*TASK TO COMPLETE*.
When the string "extrude" occurs in a line of the listing below, return that line.

○ ○ ○ ○ ○

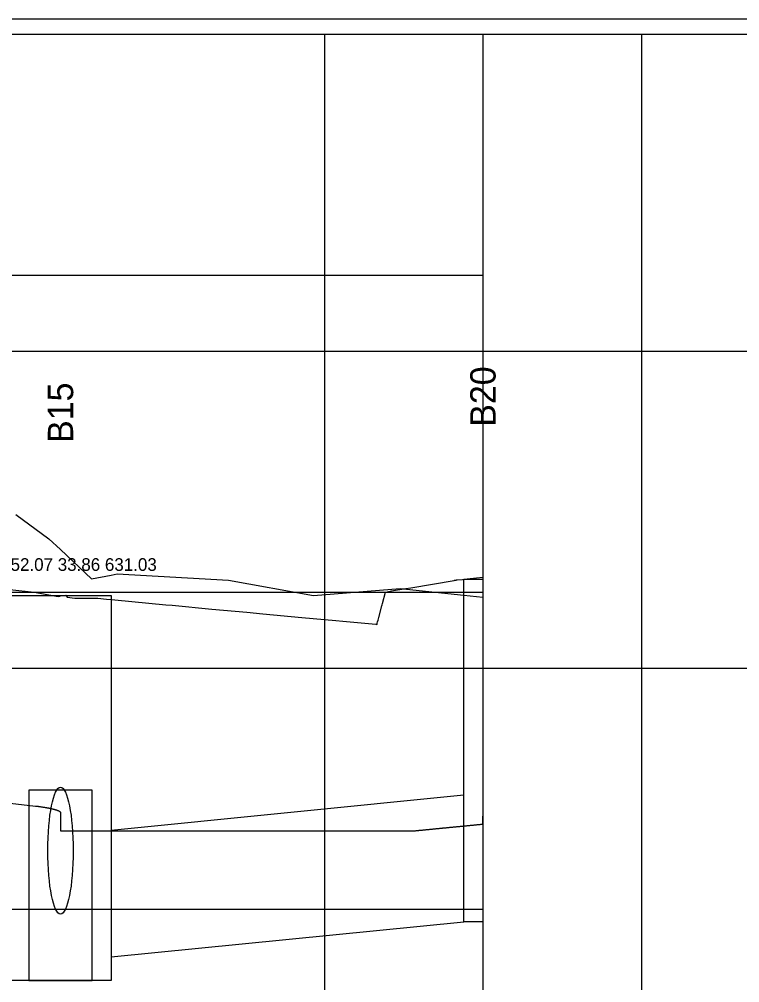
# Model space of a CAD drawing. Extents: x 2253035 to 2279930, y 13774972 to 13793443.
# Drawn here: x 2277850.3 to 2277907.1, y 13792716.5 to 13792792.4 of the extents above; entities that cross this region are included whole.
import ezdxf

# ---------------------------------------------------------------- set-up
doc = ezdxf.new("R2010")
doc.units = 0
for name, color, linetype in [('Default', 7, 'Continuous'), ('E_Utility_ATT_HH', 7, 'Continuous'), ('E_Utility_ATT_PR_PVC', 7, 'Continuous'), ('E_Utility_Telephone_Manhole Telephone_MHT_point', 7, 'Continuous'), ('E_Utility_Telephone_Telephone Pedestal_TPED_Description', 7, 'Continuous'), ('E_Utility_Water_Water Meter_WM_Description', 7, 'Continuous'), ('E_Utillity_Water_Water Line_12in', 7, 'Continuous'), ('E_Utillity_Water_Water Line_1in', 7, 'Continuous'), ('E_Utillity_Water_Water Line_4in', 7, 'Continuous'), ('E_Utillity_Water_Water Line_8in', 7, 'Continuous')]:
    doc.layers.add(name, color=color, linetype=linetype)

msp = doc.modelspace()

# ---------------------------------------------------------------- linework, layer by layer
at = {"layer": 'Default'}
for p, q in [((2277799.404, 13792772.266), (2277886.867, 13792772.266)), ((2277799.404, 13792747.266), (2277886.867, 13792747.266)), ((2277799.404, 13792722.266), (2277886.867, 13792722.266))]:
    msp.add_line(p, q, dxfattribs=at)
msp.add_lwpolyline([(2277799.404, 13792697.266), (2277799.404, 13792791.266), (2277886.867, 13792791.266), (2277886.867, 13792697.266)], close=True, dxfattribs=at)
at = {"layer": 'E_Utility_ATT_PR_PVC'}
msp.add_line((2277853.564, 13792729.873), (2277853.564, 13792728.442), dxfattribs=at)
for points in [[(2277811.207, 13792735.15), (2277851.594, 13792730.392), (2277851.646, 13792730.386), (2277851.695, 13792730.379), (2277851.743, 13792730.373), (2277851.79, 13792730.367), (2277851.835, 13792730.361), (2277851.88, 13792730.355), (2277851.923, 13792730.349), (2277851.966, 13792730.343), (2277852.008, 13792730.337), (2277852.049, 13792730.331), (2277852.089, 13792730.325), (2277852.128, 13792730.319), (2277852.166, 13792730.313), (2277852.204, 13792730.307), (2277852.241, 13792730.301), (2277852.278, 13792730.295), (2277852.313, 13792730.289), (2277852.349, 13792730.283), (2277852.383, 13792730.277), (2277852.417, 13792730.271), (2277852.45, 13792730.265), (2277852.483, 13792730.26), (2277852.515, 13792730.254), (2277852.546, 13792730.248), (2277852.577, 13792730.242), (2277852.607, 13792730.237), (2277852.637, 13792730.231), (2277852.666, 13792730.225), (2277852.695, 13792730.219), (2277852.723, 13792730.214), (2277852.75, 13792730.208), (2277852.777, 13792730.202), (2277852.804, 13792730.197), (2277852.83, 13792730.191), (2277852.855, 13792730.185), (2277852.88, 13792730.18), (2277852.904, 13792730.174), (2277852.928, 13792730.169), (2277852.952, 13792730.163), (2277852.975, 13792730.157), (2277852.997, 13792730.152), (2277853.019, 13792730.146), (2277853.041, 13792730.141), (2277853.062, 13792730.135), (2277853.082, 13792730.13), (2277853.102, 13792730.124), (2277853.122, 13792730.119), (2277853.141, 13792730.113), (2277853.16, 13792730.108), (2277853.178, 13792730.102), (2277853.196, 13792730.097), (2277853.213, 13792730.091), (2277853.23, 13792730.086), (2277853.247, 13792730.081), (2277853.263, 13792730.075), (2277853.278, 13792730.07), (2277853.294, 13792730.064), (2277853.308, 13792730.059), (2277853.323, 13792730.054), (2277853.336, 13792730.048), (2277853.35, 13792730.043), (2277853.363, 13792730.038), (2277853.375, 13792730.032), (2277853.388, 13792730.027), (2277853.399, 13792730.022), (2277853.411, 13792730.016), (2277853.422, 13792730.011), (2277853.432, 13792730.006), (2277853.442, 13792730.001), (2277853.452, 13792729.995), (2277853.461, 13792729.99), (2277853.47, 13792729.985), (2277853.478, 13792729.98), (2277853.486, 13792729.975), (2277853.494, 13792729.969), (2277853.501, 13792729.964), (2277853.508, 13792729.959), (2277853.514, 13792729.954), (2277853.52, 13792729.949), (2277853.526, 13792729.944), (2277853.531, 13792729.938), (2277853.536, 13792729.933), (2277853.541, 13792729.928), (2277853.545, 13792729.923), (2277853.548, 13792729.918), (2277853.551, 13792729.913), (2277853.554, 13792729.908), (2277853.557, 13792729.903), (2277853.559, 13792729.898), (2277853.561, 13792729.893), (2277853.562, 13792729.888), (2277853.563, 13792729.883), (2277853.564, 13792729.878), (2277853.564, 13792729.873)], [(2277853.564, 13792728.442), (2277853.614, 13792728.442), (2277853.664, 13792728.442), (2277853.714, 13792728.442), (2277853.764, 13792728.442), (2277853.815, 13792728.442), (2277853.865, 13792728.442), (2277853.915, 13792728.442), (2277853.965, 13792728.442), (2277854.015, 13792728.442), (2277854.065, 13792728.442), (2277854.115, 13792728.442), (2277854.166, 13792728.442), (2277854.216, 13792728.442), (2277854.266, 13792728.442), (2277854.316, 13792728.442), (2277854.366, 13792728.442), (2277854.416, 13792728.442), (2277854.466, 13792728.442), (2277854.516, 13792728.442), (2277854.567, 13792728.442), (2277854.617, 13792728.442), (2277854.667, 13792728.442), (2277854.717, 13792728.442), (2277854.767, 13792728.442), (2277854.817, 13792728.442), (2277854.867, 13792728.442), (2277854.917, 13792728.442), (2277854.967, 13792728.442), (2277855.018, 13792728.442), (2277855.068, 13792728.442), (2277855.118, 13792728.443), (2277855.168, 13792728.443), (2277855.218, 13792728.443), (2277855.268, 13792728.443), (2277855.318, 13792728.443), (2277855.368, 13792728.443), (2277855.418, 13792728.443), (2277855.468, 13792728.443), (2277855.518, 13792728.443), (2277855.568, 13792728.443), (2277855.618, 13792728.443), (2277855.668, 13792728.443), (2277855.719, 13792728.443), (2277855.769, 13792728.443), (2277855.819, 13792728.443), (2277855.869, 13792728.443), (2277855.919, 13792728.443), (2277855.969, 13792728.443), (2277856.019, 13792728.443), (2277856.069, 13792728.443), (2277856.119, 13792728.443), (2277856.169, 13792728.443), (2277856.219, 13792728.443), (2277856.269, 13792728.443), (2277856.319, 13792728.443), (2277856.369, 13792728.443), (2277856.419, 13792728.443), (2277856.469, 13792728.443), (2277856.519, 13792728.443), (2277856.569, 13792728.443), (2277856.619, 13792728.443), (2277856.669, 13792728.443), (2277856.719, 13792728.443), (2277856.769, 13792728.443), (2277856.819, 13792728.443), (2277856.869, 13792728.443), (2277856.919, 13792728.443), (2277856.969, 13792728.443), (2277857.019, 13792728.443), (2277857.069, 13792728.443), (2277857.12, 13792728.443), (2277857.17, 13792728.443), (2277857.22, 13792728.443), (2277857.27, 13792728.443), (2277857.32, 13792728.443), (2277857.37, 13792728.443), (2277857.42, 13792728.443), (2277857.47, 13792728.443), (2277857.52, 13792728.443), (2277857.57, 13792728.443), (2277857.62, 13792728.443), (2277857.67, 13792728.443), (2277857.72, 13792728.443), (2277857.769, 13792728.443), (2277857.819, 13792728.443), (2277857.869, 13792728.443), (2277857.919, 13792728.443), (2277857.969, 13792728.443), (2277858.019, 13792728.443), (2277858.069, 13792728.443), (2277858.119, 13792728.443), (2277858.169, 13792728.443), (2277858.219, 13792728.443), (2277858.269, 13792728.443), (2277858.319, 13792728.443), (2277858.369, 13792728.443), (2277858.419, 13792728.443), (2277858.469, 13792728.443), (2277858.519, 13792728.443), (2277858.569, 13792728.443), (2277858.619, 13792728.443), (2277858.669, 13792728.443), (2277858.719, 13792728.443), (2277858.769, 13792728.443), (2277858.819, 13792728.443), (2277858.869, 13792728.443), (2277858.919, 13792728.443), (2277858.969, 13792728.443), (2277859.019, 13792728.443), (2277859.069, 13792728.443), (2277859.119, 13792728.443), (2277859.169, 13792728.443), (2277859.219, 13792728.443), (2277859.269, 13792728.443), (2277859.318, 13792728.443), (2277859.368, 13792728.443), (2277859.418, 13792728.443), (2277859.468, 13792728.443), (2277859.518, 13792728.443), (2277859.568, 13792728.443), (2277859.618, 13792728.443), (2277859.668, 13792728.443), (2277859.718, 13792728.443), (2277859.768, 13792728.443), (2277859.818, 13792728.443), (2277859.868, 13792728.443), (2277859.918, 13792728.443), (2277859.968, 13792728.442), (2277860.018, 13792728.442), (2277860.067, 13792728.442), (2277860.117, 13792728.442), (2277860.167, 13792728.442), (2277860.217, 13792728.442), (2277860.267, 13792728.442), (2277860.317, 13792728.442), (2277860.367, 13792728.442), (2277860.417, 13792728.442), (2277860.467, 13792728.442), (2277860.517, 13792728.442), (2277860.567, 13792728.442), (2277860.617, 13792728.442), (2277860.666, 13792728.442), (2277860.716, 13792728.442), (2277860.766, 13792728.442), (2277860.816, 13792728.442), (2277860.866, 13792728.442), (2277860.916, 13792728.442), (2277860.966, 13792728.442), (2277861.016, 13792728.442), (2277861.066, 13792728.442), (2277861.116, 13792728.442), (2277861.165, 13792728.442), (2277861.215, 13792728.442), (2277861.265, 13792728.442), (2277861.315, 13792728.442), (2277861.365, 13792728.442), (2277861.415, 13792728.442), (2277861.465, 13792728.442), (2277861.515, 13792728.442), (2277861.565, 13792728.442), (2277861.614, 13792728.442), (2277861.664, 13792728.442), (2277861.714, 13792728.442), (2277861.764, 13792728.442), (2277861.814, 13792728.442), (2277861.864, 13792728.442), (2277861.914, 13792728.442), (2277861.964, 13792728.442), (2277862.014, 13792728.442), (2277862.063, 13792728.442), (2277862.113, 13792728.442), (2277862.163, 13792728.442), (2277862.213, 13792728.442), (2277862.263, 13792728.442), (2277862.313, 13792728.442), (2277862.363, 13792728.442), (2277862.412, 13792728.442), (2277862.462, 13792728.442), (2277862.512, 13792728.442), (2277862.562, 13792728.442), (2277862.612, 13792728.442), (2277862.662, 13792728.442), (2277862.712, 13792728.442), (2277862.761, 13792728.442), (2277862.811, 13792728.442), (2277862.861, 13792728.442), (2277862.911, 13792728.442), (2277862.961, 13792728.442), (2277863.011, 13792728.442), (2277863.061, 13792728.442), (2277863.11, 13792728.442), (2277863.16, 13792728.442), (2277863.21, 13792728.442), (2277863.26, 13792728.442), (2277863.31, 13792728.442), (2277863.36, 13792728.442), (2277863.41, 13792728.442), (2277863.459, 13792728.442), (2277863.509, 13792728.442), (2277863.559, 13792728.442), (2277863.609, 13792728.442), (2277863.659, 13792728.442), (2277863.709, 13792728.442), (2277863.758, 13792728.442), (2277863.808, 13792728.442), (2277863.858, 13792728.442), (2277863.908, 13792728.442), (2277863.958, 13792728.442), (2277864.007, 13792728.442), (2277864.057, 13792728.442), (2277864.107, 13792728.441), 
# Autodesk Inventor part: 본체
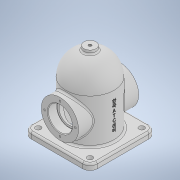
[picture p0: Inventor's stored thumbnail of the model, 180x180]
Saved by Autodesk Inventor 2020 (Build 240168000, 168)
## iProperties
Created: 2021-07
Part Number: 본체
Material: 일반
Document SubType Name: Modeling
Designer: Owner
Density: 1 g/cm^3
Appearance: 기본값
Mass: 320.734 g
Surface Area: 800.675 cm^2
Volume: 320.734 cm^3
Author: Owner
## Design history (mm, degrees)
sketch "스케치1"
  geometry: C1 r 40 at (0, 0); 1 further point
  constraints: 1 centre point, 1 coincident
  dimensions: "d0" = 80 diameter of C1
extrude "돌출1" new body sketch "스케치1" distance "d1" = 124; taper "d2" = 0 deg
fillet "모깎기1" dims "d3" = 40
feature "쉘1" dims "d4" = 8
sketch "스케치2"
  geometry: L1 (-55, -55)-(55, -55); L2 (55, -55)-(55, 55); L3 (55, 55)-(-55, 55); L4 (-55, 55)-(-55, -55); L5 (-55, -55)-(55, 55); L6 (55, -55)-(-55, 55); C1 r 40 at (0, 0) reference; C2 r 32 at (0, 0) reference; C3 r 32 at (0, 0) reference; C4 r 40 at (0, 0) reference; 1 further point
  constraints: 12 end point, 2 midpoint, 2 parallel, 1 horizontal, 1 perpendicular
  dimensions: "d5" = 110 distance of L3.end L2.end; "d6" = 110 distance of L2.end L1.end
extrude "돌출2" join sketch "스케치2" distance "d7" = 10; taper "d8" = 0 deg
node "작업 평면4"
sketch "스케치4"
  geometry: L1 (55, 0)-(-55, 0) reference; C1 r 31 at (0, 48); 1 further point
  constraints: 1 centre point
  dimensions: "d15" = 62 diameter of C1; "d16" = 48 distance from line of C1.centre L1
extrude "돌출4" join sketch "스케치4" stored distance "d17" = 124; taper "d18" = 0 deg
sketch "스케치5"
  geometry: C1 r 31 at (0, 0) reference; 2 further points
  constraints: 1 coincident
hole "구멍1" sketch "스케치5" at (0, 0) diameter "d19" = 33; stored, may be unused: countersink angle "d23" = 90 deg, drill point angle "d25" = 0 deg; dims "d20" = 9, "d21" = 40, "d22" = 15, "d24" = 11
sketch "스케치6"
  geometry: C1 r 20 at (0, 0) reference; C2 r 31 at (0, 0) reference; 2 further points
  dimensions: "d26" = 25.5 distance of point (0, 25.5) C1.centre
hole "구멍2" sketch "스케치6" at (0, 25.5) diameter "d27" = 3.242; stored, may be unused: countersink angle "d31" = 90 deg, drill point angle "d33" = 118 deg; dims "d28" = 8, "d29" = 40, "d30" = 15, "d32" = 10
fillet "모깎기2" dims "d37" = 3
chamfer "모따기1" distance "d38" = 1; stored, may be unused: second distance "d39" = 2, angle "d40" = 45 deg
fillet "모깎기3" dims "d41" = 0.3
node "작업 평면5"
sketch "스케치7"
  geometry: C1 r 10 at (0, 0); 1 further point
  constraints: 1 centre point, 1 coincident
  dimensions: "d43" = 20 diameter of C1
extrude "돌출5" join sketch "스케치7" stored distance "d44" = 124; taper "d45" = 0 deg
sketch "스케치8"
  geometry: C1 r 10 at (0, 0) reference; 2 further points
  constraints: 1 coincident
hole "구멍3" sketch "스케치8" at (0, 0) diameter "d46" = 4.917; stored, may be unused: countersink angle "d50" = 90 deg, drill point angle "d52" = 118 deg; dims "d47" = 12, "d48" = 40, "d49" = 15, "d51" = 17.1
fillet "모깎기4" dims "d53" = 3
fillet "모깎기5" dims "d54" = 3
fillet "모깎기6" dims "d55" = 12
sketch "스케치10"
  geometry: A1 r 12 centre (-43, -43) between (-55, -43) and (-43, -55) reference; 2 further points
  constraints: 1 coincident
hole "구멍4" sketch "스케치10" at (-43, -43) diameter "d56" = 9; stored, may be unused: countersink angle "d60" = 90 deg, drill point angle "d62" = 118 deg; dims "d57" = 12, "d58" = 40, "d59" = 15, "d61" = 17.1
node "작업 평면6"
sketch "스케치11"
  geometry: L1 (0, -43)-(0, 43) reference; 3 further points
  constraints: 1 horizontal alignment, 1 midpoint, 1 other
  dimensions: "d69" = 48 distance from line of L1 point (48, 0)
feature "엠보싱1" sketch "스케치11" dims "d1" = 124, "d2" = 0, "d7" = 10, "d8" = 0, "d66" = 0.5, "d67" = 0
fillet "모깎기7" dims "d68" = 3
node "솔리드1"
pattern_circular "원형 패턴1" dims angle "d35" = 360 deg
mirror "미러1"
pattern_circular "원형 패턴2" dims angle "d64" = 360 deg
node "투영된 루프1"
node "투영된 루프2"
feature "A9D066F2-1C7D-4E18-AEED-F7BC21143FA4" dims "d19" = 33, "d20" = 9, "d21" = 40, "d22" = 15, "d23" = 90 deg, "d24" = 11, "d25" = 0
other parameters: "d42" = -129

○ ○ ○ ○ ○

*RESULT OF THE EXERCISE*.
extrude "돌출1" new body sketch "스케치1" distance "d1" = 124; taper "d2" = 0 deg
extrude "돌출2" join sketch "스케치2" distance "d7" = 10; taper "d8" = 0 deg
extrude "돌출4" join sketch "스케치4" stored distance "d17" = 124; taper "d18" = 0 deg
extrude "돌출5" join sketch "스케치7" stored distance "d44" = 124; taper "d45" = 0 deg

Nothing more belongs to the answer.